По примеру брата, который в свою очередь научился этому у отца, Юрик завел свою сторожу на окраинах Руси, разослав туда верных подданных. Сейчас ему доставляло удовольствие делиться с братом сведениями, полученными голубиной и верхоконной почтой.

— Моя сторожа сообщила, что засада в лесу готова. Ну да, там, где мы и договорились… Мои люди подрубили деревья так, что они будут держаться до первого лишь толчка. Вступит Тимур в чащу, мои люди толкнут первое дерево на опушке, оно опровергнется на следующее, то опрокинется на третье, а третье повалится на очередное — посыплются деревья со страшным шумом и треском!.. Вот изумятся татары — из-ум-ятся, из ума выйдут от страха!.. А кое-кого и поувечат деревья-то…

— Хорошо, но Тимур в чащу вряд ли сунется…

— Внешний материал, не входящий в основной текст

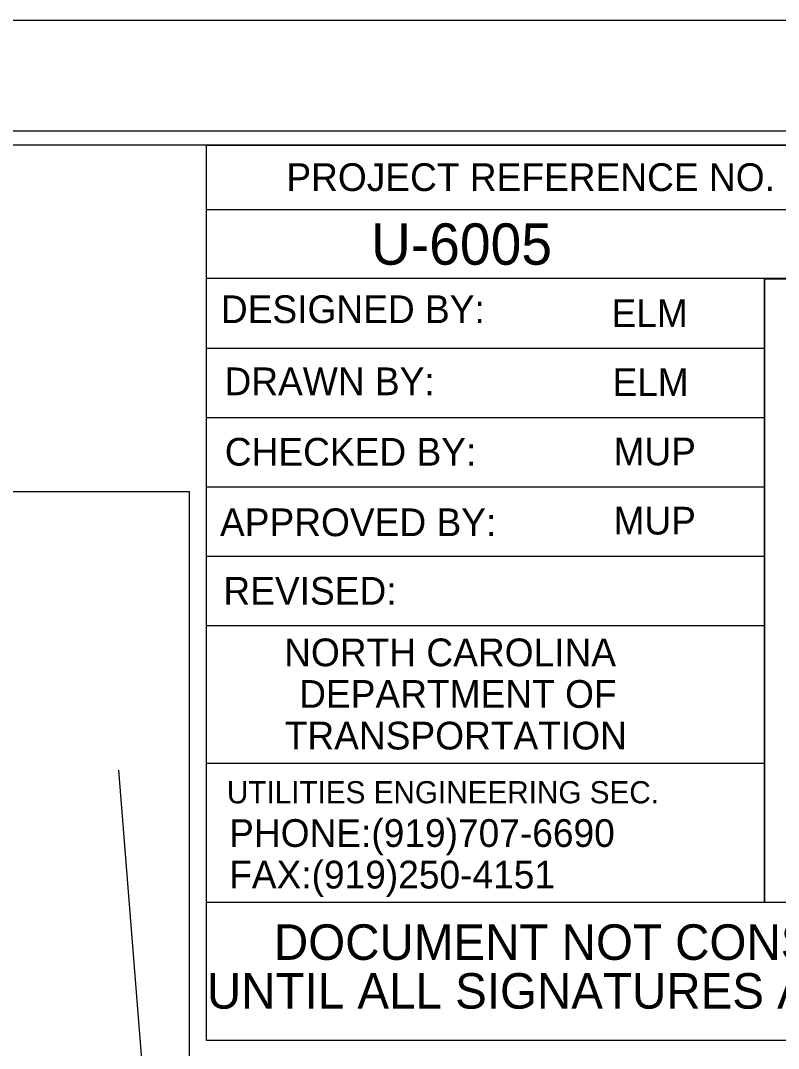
# Model space of a CAD drawing. Extents: x 0 to 7954, y -383 to 1504.
# Drawn here: x 2.4159 to 2.644, y 1.5238 to 1.8333 of the extents above; entities that cross this region are included whole.
import ezdxf

# ---------------------------------------------------------------- set-up
doc = ezdxf.new("R2010")
doc.units = 0
for name, color, linetype in [('Scratch_Level_3', 7, 'Continuous'), ('UC Plan Profile Sheet 34 CELL', 7, 'Continuous'), ('UC Plan Sheet 34 CELL', 7, 'Continuous'), ('UE Plan Profile Sheet 34 CELL', 7, 'Continuous')]:
    doc.layers.add(name, color=color, linetype=linetype)

msp = doc.modelspace()

# ---------------------------------------------------------------- linework, layer by layer
at = {"layer": 'Scratch_Level_3'}
msp.add_lwpolyline([(0.36636, 0.9085), (0.36636, 1.69148), (2.46666, 1.69148), (2.46666, 1.49966), (2.75747, 1.49966), (2.75747, 0.9085)], close=True, dxfattribs=at)
at = {"layer": 'UC Plan Profile Sheet 34 CELL'}
for p, q in [((2.60044, 1.74676), (2.60044, 1.74676)), ((2.49092, 1.03177), (2.4455, 1.60759)), ((2.4719, 1.52621), (2.4719, 1.56775)), ((2.80496, 1.52621), (2.4719, 1.52621))]:
    msp.add_line(p, q, dxfattribs=at)
for points in [[(0.02749, 0.00833), (2.83333, 0.00833), (2.83333, 1.83333), (0.02749, 1.83333)], [(0.04916, 0.04166), (2.82583, 0.04166), (2.82583, 1.8), (0.04916, 1.8)], [(2.80499, 1.79583), (0.30499, 1.79583), (0.30499, 0.04583), (2.80499, 0.04583)]]:
    msp.add_lwpolyline(points, close=True, dxfattribs=at)
at = {"layer": 'UC Plan Sheet 34 CELL'}
for p, q in [((2.4719, 1.77648), (2.80496, 1.77648)), ((2.55581, 1.76604), (2.55581, 1.76604)), ((2.6054, 1.74516), (2.6054, 1.74516)), ((2.4719, 1.7347), (2.63979, 1.7347)), ((2.6054, 1.72427), (2.6054, 1.72427)), ((2.4719, 1.71383), (2.63979, 1.71383)), ((2.6054, 1.70339), (2.6054, 1.70339)), ((2.4719, 1.69295), (2.63979, 1.69295)), ((2.6054, 1.68252), (2.6054, 1.68252)), ((2.4719, 1.67208), (2.63979, 1.67208)), ((2.4719, 1.65118), (2.63979, 1.65118)), ((2.4719, 1.60977), (2.63979, 1.60977))]:
    msp.add_line(p, q, dxfattribs=at)
for points in [[(2.4719, 1.79581), (2.80496, 1.79581), (2.80496, 1.75568)], [(2.80496, 1.75568), (2.4719, 1.75568), (2.4719, 1.79581)], [(2.63979, 1.75568), (2.63979, 1.56775), (2.4719, 1.56775), (2.4719, 1.79581)], [(2.80496, 1.56775), (2.63979, 1.56775), (2.63979, 1.7556), (2.80496, 1.7556)]]:
    msp.add_lwpolyline(points, dxfattribs=at)

# ---------------------------------------------------------------- texts
at = {"layer": 'UC Plan Profile Sheet 34 CELL'}
for s, height, p in [('U-6005', 0.01243, (2.52136, 1.75982)), ('ELM', 0.008333, (2.59379, 1.74103)), ('ELM', 0.008333, (2.59408, 1.72025)), ('MUP', 0.008333, (2.59442, 1.69941)), ('MUP', 0.008333, (2.59442, 1.67858))]:
    msp.add_text(s, height=height, dxfattribs=at).set_placement(p)
at = {"layer": 'UC Plan Sheet 34 CELL'}
for s, height, p in [('PROJECT REFERENCE NO.', 0.0083524, (2.4959, 1.782)), ('DESIGNED BY:', 0.0083524, (2.47619, 1.74223)), ('DRAWN BY:', 0.008352, (2.47727, 1.72052)), ('CHECKED BY:', 0.0083524, (2.47736, 1.69931)), ('APPROVED BY:', 0.0083524, (2.47592, 1.67808)), ('REVISED:', 0.008352, (2.47694, 1.65745)), ('NORTH CAROLINA', 0.0083524, (2.49523, 1.63891)), ('DEPARTMENT OF', 0.0083524, (2.49975, 1.62639)), ('TRANSPORTATION', 0.0083524, (2.4954, 1.61385)), ('UTILITIES ENGINEERING SEC.', 0.0066819, (2.47799, 1.59763)), ('PHONE:(919)707-6690', 0.0083524, (2.47867, 1.58451)), ('FAX:(919)250-4151', 0.0083524, (2.47867, 1.57199))]:
    msp.add_text(s, height=height, dxfattribs=at).set_placement(p)
at = {"layer": 'UE Plan Profile Sheet 34 CELL'}
for s, p in [('DOCUMENT NOT CONSIDERED FINAL ', (2.49215, 1.5505)), ('UNTIL ALL SIGNATURES ARE COMPLETED', (2.47197, 1.53581))]:
    msp.add_text(s, height=0.010697, dxfattribs=at).set_placement(p)

doc.saveas('drawing.dxf')

— Да, вряд ли, — опечаленно согласился Юрик, — он Волгой идет. Изгоном, безвестно.

— Нет, не безвестно, моя сторожа ведает о его продвижении.

— На Рязань путь стремит.

— И о том вестен я. Нынче уходят к берегу пешая рать и обозы, а завтра выступят в поход и конные дружины.

Берегом назывался тот отрезок реки Оки от Калуги до Коломны, какой со времен еще Дмитрия Донского постоянно защищался войсками. Левый фланг был прикрыт коломенской крепостью, правый серпуховской, а на востоке за Москвой-рекой и Окой простиралась непроходимая Мещерская низменность. Таким образом, все пути вокруг княжества находились под неослабным наблюдением и преграждались заставами. Путь до берега в сто пятьдесят верст гонцы одолевали, часто меняя в пути коней, за восемь-девять часов. Конному войску при движении в борзе, то есть одвуконь, требовалось времени вдвое больше, а пешему ополчению и обозам нужно было несколько дней. Так что Василий Дмитриевич здесь все очень точно рассчитал, Юрик вполне одобрял его решение, но его другое волновало.